Mr. Monkeyarms said:


> Like I said, I've only seen chrome. I'm no expert with these. Now I've seen painted in the wild. Learn something new every day! Thanks everyone!
> 
> Any more out there?



Very interesting.  I am with you.  Never saw or knew about painted fenders on Luxury Liners.  I had 3 and all were plated fenders.  In the photos it looks sort of stealth.  
Why would they go through the process of plating and do another process just to tone it down?  All that for some chrome detail close to the ground? 
  Someone was thinking and had influence over the bean counters!


----------



## GTs58 (Oct 9, 2020)

1motime said:


> Very interesting.  I am with you.  Never saw or knew about painted fenders on Luxury Liners.  I had 3 and all were plated fenders.  In the photos it looks sort of stealth.
> Why would they go through the process of plating and do another process just to tone it down?  All that for some chrome detail close to the ground?
> Someone was thinking and had influence over the bean counters!

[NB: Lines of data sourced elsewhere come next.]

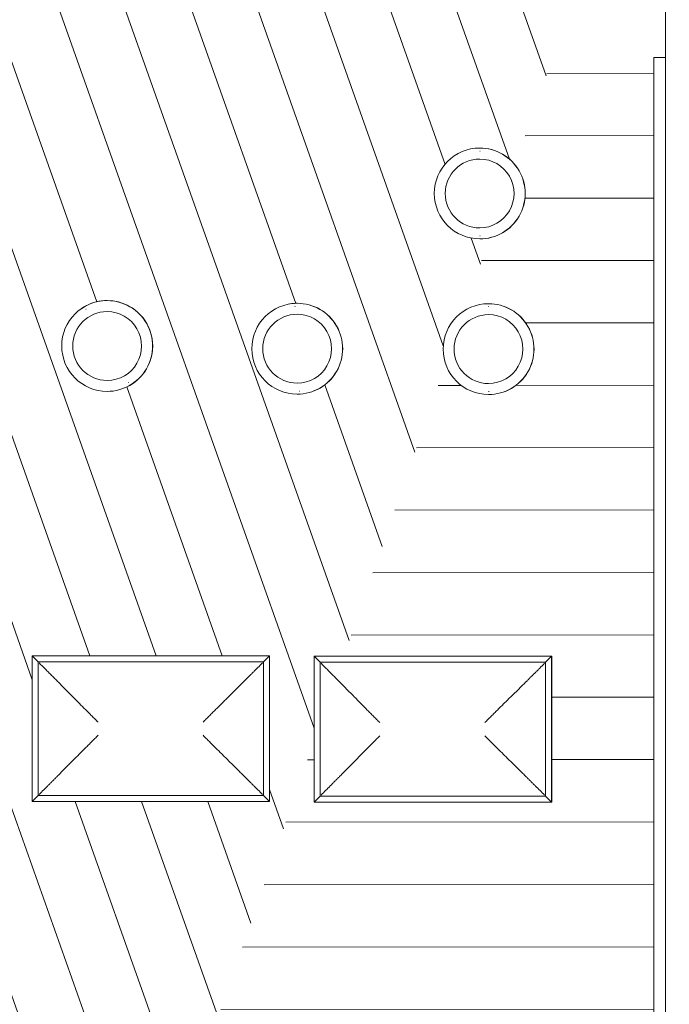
# Model space of a CAD drawing. Header units: metres. Extents: x 2 to 202, y -59 to 869.
# Tile 23 of 27: x 89.34 to 95.85, y 3.23 to 13.1. Entities that reach past the tile are written whole.
import ezdxf

# ---------------------------------------------------------------- set-up
doc = ezdxf.new("R2010")
doc.units = ezdxf.units.M
doc.header["$XCLIPFRAME"] = 2
for name, color, linetype, lineweight in [('A_Fassade', 113, 'Continuous', 5), ('A_Fenster', 45, 'Continuous', 5), ('A_Geschossdecken_Oberflächenschraffur', 7, 'Continuous', 5), ('A_Scan-Pixelbild', 213, 'Continuous', 5), ('A_Wand', 244, 'Continuous', 5)]:
    doc.layers.add(name, color=color, linetype=linetype, lineweight=lineweight)
picture_1 = doc.add_image_def('image1.pdf', size_in_pixel=(2828, 1699))

# ---------------------------------------------------------------- blocks, each defined once
blk = doc.blocks.new('Rectangular Mullion - 70mm x 280mm_2-8070029-Dach')
at = {"layer": 'A_Fassade', "color": 250, "lineweight": 9}
blk.add_line((-0.9419, 8.7378), (-0.9419, 11.2428), dxfattribs=at)
blk = doc.blocks.new('Rectangular Mullion - 70mm x 280mm_2-8070030-Dach')
at = {"layer": 'A_Fassade', "color": 250, "lineweight": 9}
blk.add_line((-0.9419, 7.2378), (-0.9419, 8.7378), dxfattribs=at)
blk = doc.blocks.new('Rectangular Mullion - 70mm x 280mm_2-8070031-Dach')
at = {"layer": 'A_Fassade', "color": 250, "lineweight": 9}
blk.add_line((-0.9419, 0.7303), (-0.9419, 3.2328), dxfattribs=at)
blk = doc.blocks.new('Rectangular Mullion - 70mm x 280mm_2-8070034-Dach')
at = {"layer": 'A_Fassade', "color": 250, "lineweight": 9}
for p, q in [((-0.9419, 12.7178), (-0.8261, 12.7178)), ((-0.9419, 11.2428), (-0.9419, 12.7178))]:
    blk.add_line(p, q, dxfattribs=at)
blk = doc.blocks.new('FE Dachkuppel rechteckig - 2320 x 1400-V25-Dach')
at = {"layer": 'A_Fenster', "color": 250, "lineweight": 9}
for p, q in [((-7.1704, 6.7236), (-7.171, 6.7235)), ((-7.171, 6.7235), (-4.7912, 6.7233)), ((-7.171, 5.2635), (-7.171, 6.7235)), ((-7.171, 6.7235), (-7.111, 6.6634)), ((-4.7906, 6.7235), (-7.1704, 6.7236)), ((-4.8513, 6.6633), (-4.7912, 6.7233)), ((-4.7912, 6.7233), (-4.7906, 6.7235)), ((-4.7912, 6.7233), (-4.7912, 5.2633)), ((-4.7906, 5.2635), (-4.7906, 6.7235)), ((-7.111, 6.6634), (-4.8513, 6.6633)), ((-7.111, 5.3234), (-7.111, 6.6634)), ((-4.8513, 6.6633), (-4.8513, 5.3233)), ((-7.111, 5.3234), (-7.171, 5.2635)), ((-4.7912, 5.2633), (-7.171, 5.2635)), ((-4.8513, 5.3233), (-7.111, 5.3234)), ((-4.8513, 5.3233), (-4.7912, 5.2633)), ((-4.7912, 5.2633), (-4.7906, 5.2635))]:
    blk.add_line(p, q, dxfattribs=at)
for points, knots in [([(-7.101, 6.6534), (-7.0798, 6.6321), (-7.048, 6.6004), (-7.0061, 6.5584), (-6.9803, 6.5324), (-6.96, 6.512), (-6.9398, 6.4917), (-6.915, 6.4668), (-6.8861, 6.4376), (-6.8487, 6.3998), (-6.8223, 6.3732), (-6.8055, 6.3561)], [-1, -1, -1, -1, -0.8, -0.7, -0.6, -0.55, -0.5, -0.4, -0.3, -0.2, 0, 0, 0, 0]), ([(-5.1596, 6.356), (-5.1424, 6.373), (-5.1155, 6.3998), (-5.0776, 6.4375), (-5.0507, 6.4642), (-5.0258, 6.4891), (-5.0029, 6.5118), (-4.9798, 6.5349), (-4.9564, 6.5583), (-4.9327, 6.5819), (-4.9012, 6.6135), (-4.8773, 6.6374), (-4.8613, 6.6533)], [0, 0, 0, 0, 0.2, 0.3, 0.4, 0.475, 0.55, 0.625, 0.7, 0.775, 0.85, 1, 1, 1, 1]), ([(-6.8055, 6.3561), (-6.7887, 6.3389), (-6.7622, 6.3123), (-6.7248, 6.2745), (-6.6862, 6.2356), (-6.6461, 6.1952), (-6.6048, 6.1538), (-6.5734, 6.1222), (-6.5417, 6.0906), (-6.5205, 6.0694), (-6.5099, 6.0587)], [-1, -1, -1, -1, -0.8, -0.7, -0.6, -0.4, -0.3, -0.2, -0.1, 0, 0, 0, 0]), ([(-5.458, 6.0586), (-5.4473, 6.0692), (-5.426, 6.0905), (-5.3944, 6.1222), (-5.3628, 6.1537), (-5.3213, 6.1951), (-5.2807, 6.2356), (-5.2417, 6.2745), (-5.2037, 6.3122), (-5.1769, 6.3389), (-5.1596, 6.356)], [0, 0, 0, 0, 0.1, 0.2, 0.3, 0.4, 0.6, 0.7, 0.8, 1, 1, 1, 1]), ([(-6.5099, 5.9267), (-6.5206, 5.9161), (-6.5418, 5.8948), (-6.5734, 5.8631), (-6.6048, 5.8317), (-6.6461, 5.7903), (-6.6862, 5.75), (-6.7248, 5.7112), (-6.7622, 5.6737), (-6.7886, 5.647), (-6.8055, 5.6301)], [0, 0, 0, 0, 0.1, 0.2, 0.3, 0.4, 0.6, 0.7, 0.8, 1, 1, 1, 1]), ([(-5.458, 5.9266), (-5.4474, 5.916), (-5.4261, 5.8947), (-5.3944, 5.8631), (-5.3628, 5.8316), (-5.3213, 5.7902), (-5.2807, 5.7499), (-5.2417, 5.7111), (-5.2037, 5.6735), (-5.1768, 5.647), (-5.1596, 5.63)], [0, 0, 0, 0, 0.1, 0.2, 0.3, 0.4, 0.6, 0.7, 0.8, 1, 1, 1, 1]), ([(-6.8055, 5.6301), (-6.8224, 5.6131), (-6.8487, 5.5865), (-6.8861, 5.5489), (-6.9126, 5.5223), (-6.9373, 5.4975), (-6.96, 5.4748), (-6.9829, 5.4517), (-7.0062, 5.4284), (-7.0297, 5.4049), (-7.0612, 5.3732), (-7.085, 5.3494), (-7.101, 5.3334)], [0, 0, 0, 0, 0.2, 0.3, 0.4, 0.475, 0.55, 0.625, 0.7, 0.775, 0.85, 1, 1, 1, 1]), ([(-5.1596, 5.63), (-5.1425, 5.6129), (-5.1155, 5.5864), (-5.0776, 5.5488), (-5.0507, 5.5222), (-5.0258, 5.4974), (-5.0029, 5.4746), (-4.9798, 5.4516), (-4.9564, 5.4283), (-4.9328, 5.4047), (-4.9011, 5.3732), (-4.8772, 5.3493), (-4.8613, 5.3333)], [0, 0, 0, 0, 0.2, 0.3, 0.4, 0.475, 0.55, 0.625, 0.7, 0.775, 0.85, 1, 1, 1, 1])]:
    blk.add_open_spline(points, degree=3, knots=knots, dxfattribs=at)
blk = doc.blocks.new('FE Dachkuppel rechteckig - 2320 x 1400-V23-Dach')
at = {"layer": 'A_Fenster', "color": 250, "lineweight": 9}
for p, q in [((-4.3427, 2.7098), (-1.9635, 2.7098)), ((-4.3427, 1.2498), (-4.3427, 2.7098)), ((-4.3427, 2.7098), (-4.2829, 2.6498)), ((-2.0236, 2.6498), (-1.9635, 2.7098)), ((-1.9635, 2.7098), (-1.9625, 2.7098)), ((-1.9635, 2.7098), (-1.9635, 1.2498)), ((-1.9625, 1.2498), (-1.9625, 2.7098)), ((-4.2829, 2.6498), (-2.0236, 2.6498)), ((-4.2829, 1.3098), (-4.2829, 2.6498)), ((-2.0236, 2.6498), (-2.0236, 1.3098)), ((-4.2829, 1.3098), (-4.3427, 1.2498)), ((-2.0236, 1.3098), (-4.2829, 1.3098)), ((-2.0236, 1.3098), (-1.9635, 1.2498)), ((-1.9635, 1.2498), (-4.3427, 1.2498)), ((-1.9635, 1.2498), (-1.9625, 1.2498))]:
    blk.add_line(p, q, dxfattribs=at)
for points, knots in [([(-4.2729, 2.6398), (-4.2517, 2.6185), (-4.2199, 2.5868), (-4.1781, 2.5448), (-4.1524, 2.5189), (-4.1321, 2.4985), (-4.112, 2.4782), (-4.0873, 2.4533), (-4.0586, 2.4242), (-4.0214, 2.3865), (-3.9952, 2.3599), (-3.9785, 2.3428)], [-1, -1, -1, -1, -0.8, -0.7, -0.6, -0.55, -0.5, -0.4, -0.3, -0.2, 0, 0, 0, 0]), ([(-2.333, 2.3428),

Schwinn chromed a complete bike just for a bit of chrome on sections of the seat mast, stays and fork. Totally chromed. 

Thanks to stingrayjoe for the image. 1963 Superior.


----------



## 1motime (Oct 9, 2020)

Shiny helped sell back then.  Chrome plating was cheap


----------



## Starnger (Oct 10, 2020)

Here are another couple of threads mentioning the early black fender version:
*








						Roadmaster in Plano Texas
					

price seems a bit high to me.   https://dallas.craigslist.org/dal/bik/d/plano-vintage-1947-cwc-roadmaster-26/7037345416.html




					thecabe.com
				











						Sold - Roadmaster for sale! Now $250 shipped!!
					

For sale all shown except the tires..... make that clear. 1950s Roadmaster bike built by Cleveland Welding. Selling for a friend so here is my observation.  Bike has been touched up a little.small dents and dings in the fenders and tank. Great front springer forks with headlight.wires run into...




					thecabe.com
				



*


----------



## cbustapeck (Oct 10, 2020)

Starnger said:


> Here are another couple of threads mentioning the early black fender version:
> *
> 
> 
> ...



I really appreciate you sharing these. This additional evidence is most useful.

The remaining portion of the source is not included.